▶ _TASK DESCRIPTION_
Omit the pictures found among the records and print everything else exactly as it stands.

▶ _PROVIDED RECORDS_
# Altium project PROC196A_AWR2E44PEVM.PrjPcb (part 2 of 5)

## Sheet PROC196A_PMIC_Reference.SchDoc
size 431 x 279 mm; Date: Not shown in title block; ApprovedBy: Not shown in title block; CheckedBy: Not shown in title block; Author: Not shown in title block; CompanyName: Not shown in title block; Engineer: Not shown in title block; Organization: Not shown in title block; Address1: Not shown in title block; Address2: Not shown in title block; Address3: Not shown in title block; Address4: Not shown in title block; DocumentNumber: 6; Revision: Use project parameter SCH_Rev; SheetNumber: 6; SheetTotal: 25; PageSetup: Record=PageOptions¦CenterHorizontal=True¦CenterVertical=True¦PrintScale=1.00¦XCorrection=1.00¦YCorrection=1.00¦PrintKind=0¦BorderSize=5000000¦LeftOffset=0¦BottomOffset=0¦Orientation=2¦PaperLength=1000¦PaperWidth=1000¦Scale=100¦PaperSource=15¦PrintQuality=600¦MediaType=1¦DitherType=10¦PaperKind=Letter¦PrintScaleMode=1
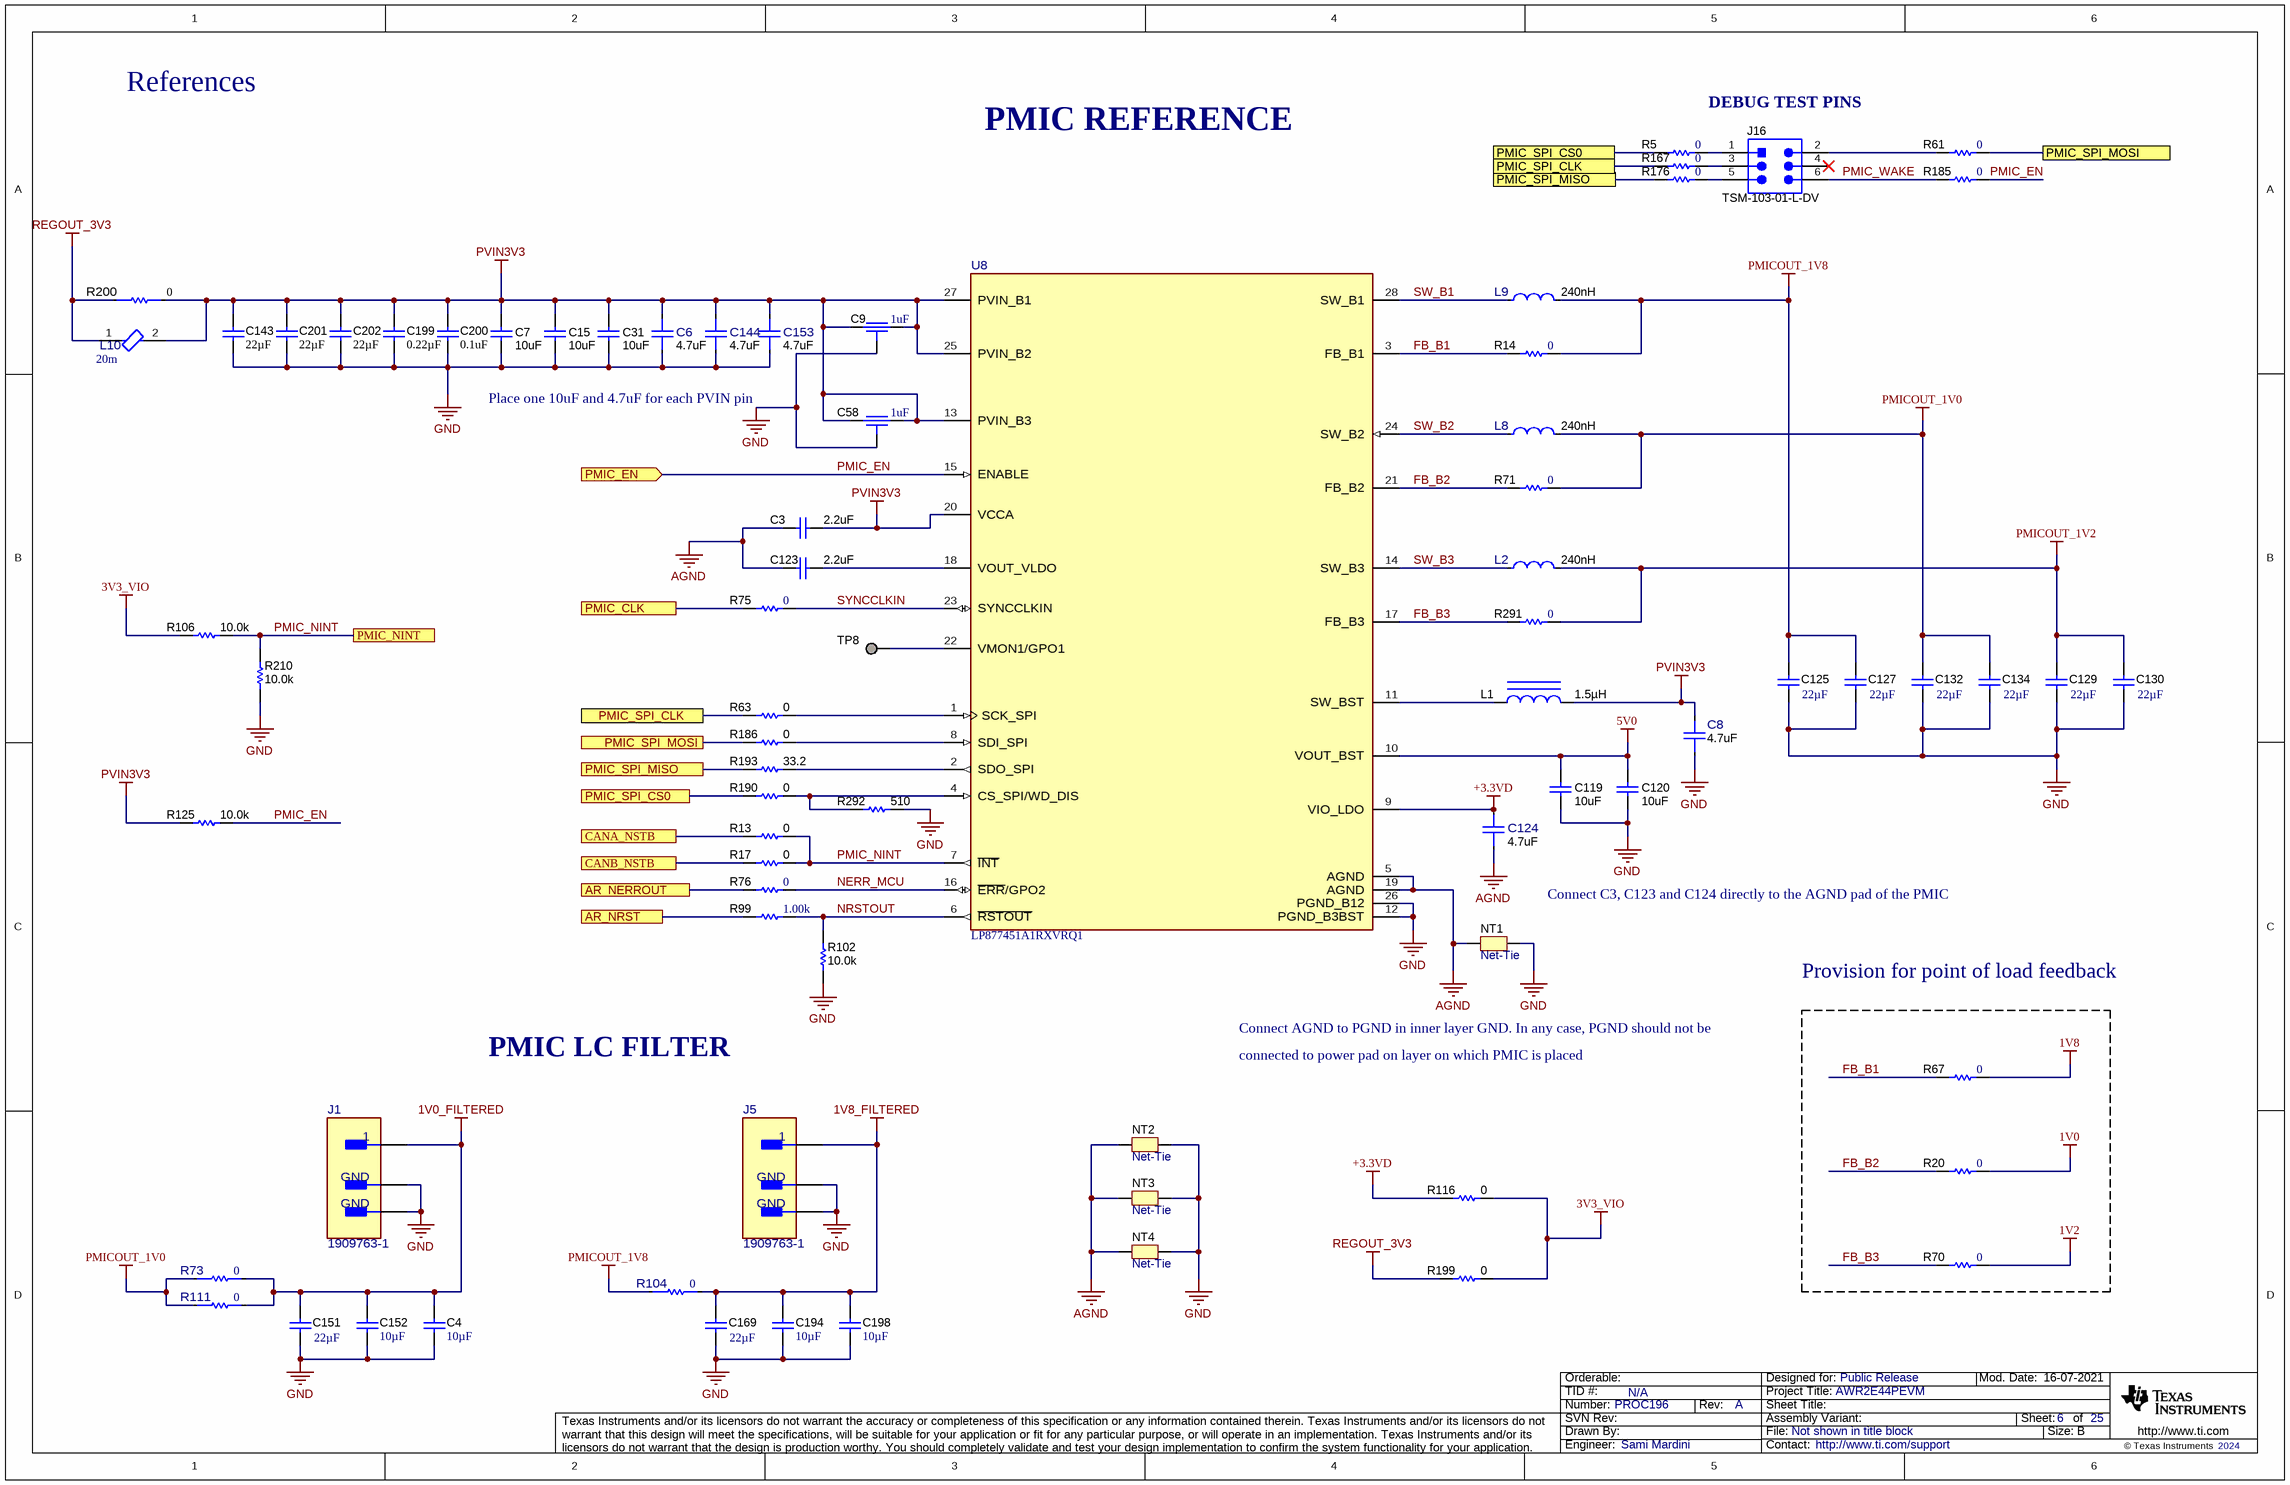
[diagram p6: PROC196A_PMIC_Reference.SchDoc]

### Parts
C3  ValueDisplayed: 2.2uF  [0603L]  (hidden comment: GCM188R70J225KE22D)
C4  Cap_F: 10µF  [0805L]  (hidden comment: C0805C106J8RACAUTO)
C6  ValueDisplayed: 4.7uF  [FP-GCJ188C70J475KE02J_0603-MFG]  (hidden comment: GCJ188C70J475KE02J)
C7  ValueDisplayed: 10uF  [0805L]  (hidden comment: GCM21BR71A106KE22L)
C8  ValueDisplayed: 4.7uF  [FP-GCJ188C70J475KE02J_0603-MFG]  (hidden comment: GCJ188C70J475KE02J)
C9  ValueDisplayed: 1uF  [FP-NFM18HC105C1C3D_0603-MFG]  (hidden comment: NFM18HC105C1C3D)
C15  ValueDisplayed: 10uF  [0805L]  (hidden comment: GCM21BR71A106KE22L)
C31  ValueDisplayed: 10uF  [0805L]  (hidden comment: GCM21BR71A106KE22L)
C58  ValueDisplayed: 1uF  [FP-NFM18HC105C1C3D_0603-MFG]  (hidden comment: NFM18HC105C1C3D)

▶ _ANSWER BOX_
# Altium project PROC196A_AWR2E44PEVM.PrjPcb (part 2 of 5)

## Sheet PROC196A_PMIC_Reference.SchDoc
size 431 x 279 mm; Date: Not shown in title block; ApprovedBy: Not shown in title block; CheckedBy: Not shown in title block; Author: Not shown in title block; CompanyName: Not shown in title block; Engineer: Not shown in title block; Organization: Not shown in title block; Address1: Not shown in title block; Address2: Not shown in title block; Address3: Not shown in title block; Address4: Not shown in title block; DocumentNumber: 6; Revision: Use project parameter SCH_Rev; SheetNumber: 6; SheetTotal: 25; PageSetup: Record=PageOptions¦CenterHorizontal=True¦CenterVertical=True¦PrintScale=1.00¦XCorrection=1.00¦YCorrection=1.00¦PrintKind=0¦BorderSize=5000000¦LeftOffset=0¦BottomOffset=0¦Orientation=2¦PaperLength=1000¦PaperWidth=1000¦Scale=100¦PaperSource=15¦PrintQuality=600¦MediaType=1¦DitherType=10¦PaperKind=Letter¦PrintScaleMode=1
[diagram p6: PROC196A_PMIC_Reference.SchDoc]

### Parts
C3  ValueDisplayed: 2.2uF  [0603L]  (hidden comment: GCM188R70J225KE22D)
C4  Cap_F: 10µF  [0805L]  (hidden comment: C0805C106J8RACAUTO)
C6  ValueDisplayed: 4.7uF  [FP-GCJ188C70J475KE02J_0603-MFG]  (hidden comment: GCJ188C70J475KE02J)
C7  ValueDisplayed: 10uF  [0805L]  (hidden comment: GCM21BR71A106KE22L)
C8  ValueDisplayed: 4.7uF  [FP-GCJ188C70J475KE02J_0603-MFG]  (hidden comment: GCJ188C70J475KE02J)
C9  ValueDisplayed: 1uF  [FP-NFM18HC105C1C3D_0603-MFG]  (hidden comment: NFM18HC105C1C3D)
C15  ValueDisplayed: 10uF  [0805L]  (hidden comment: GCM21BR71A106KE22L)
C31  ValueDisplayed: 10uF  [0805L]  (hidden comment: GCM21BR71A106KE22L)
C58  ValueDisplayed: 1uF  [FP-NFM18HC105C1C3D_0603-MFG]  (hidden comment: NFM18HC105C1C3D)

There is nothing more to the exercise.